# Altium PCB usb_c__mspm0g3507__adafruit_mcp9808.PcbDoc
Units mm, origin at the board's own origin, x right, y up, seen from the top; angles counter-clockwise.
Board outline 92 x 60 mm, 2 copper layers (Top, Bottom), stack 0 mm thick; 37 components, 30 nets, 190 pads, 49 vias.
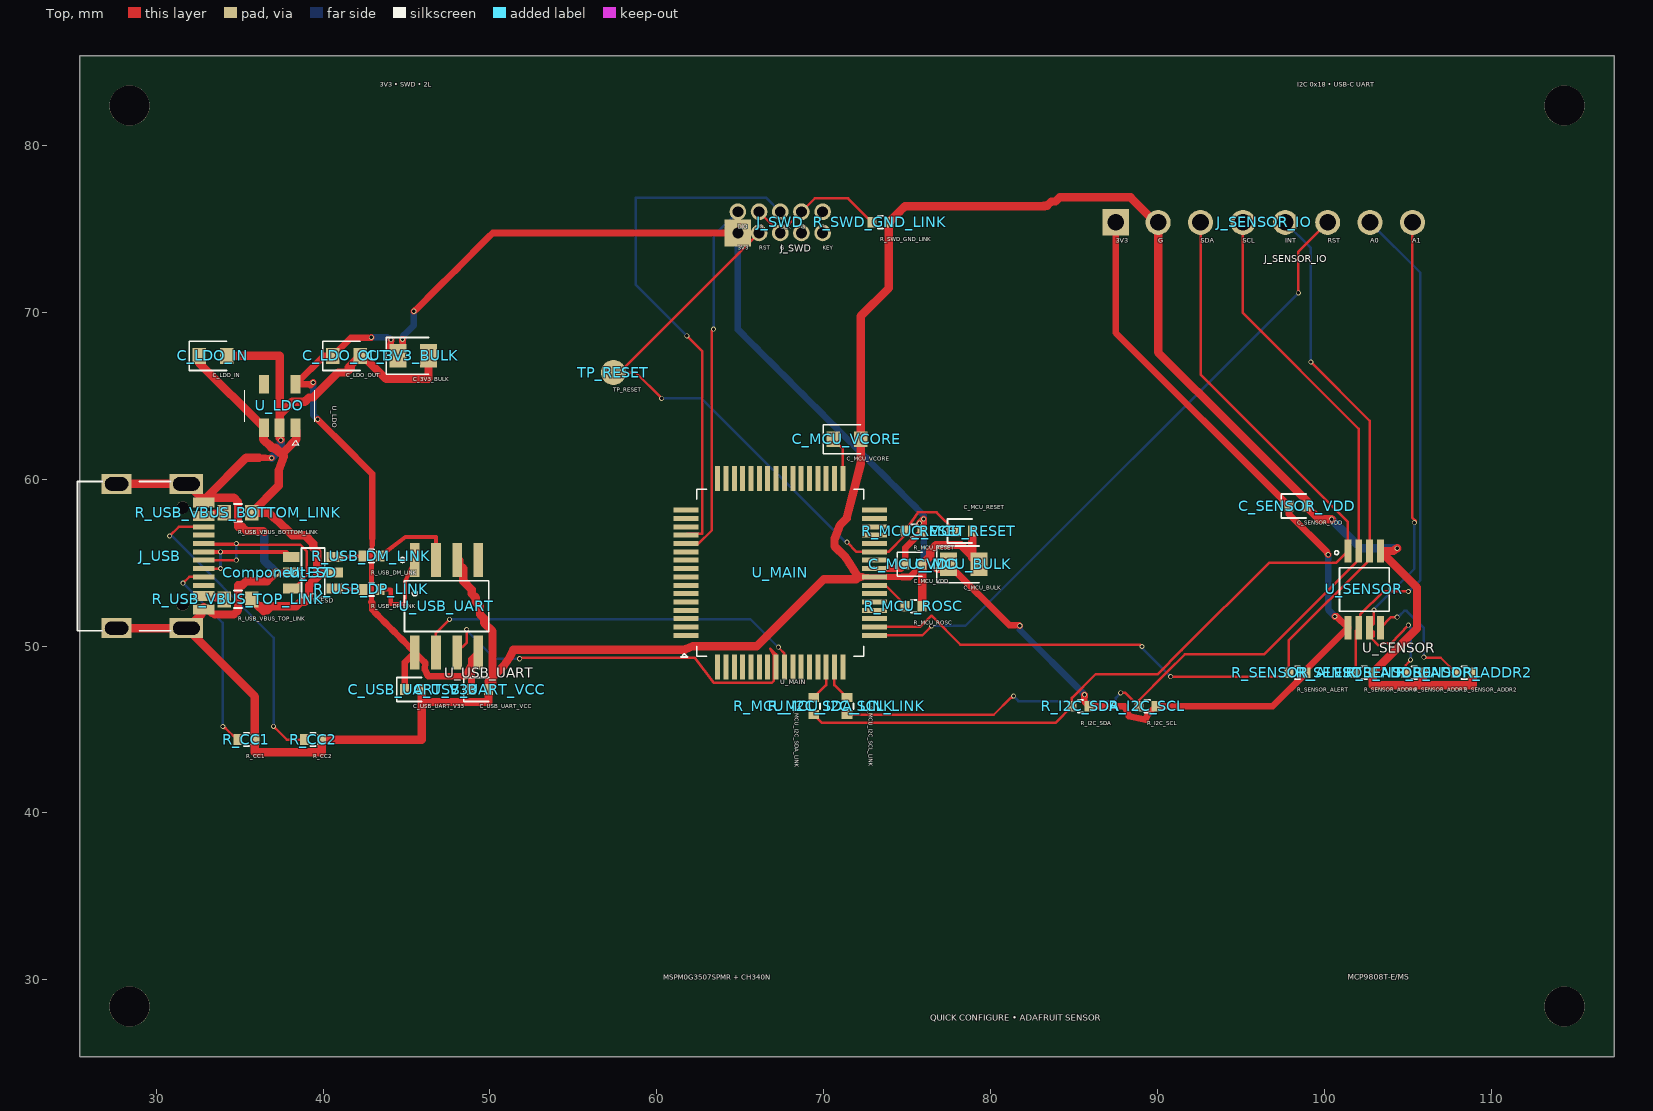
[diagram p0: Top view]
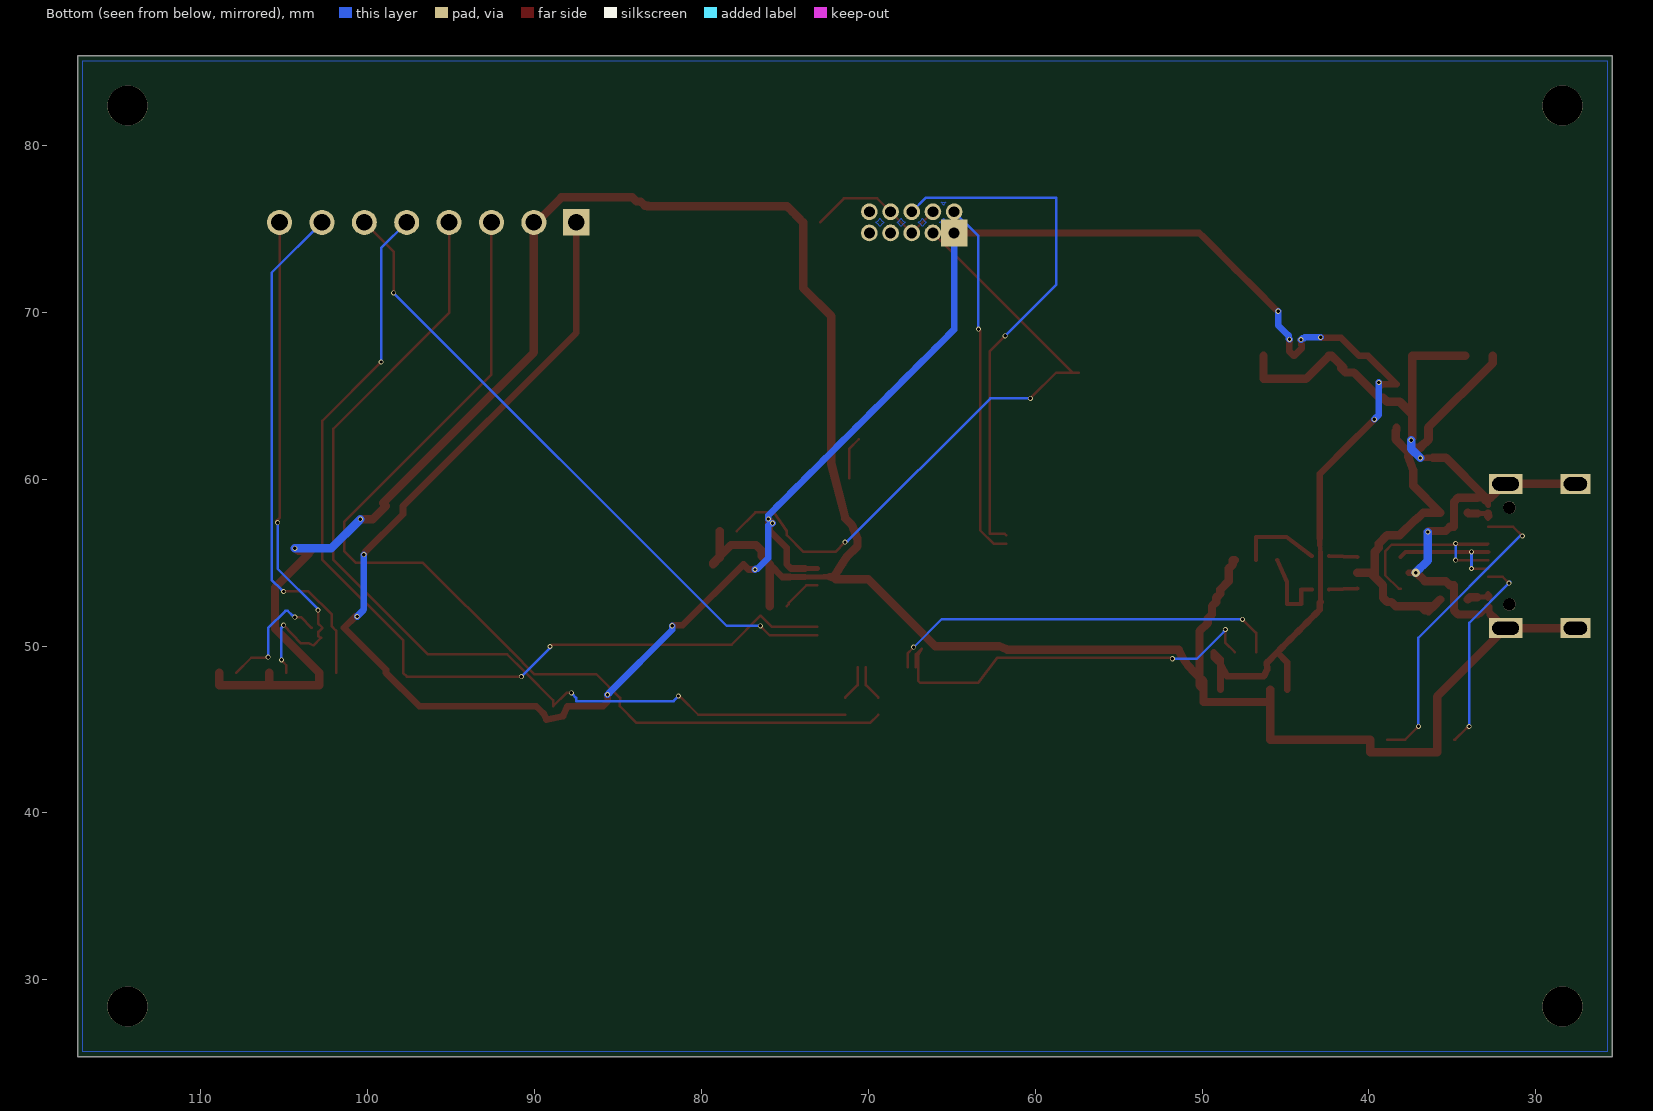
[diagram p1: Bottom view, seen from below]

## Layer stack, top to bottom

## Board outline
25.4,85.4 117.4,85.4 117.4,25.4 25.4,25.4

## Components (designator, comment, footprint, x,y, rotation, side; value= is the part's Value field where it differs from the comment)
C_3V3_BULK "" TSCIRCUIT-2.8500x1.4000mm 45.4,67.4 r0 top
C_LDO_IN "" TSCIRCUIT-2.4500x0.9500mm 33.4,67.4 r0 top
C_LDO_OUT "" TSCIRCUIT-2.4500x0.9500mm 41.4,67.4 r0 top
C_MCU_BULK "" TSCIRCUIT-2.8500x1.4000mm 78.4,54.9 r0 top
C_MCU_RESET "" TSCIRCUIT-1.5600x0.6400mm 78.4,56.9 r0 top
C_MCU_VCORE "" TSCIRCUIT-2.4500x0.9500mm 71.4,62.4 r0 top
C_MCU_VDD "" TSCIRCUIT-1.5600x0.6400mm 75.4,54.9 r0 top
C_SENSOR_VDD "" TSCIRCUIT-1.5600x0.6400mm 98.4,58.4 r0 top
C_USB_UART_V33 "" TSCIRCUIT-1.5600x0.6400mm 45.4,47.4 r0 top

○ ○ ○ ○

■ Problem to solve ■
Could you copy every line in the records that holds "view"?

■ Written answer ■
[diagram p0: Top view]
[diagram p1: Bottom view, seen from below]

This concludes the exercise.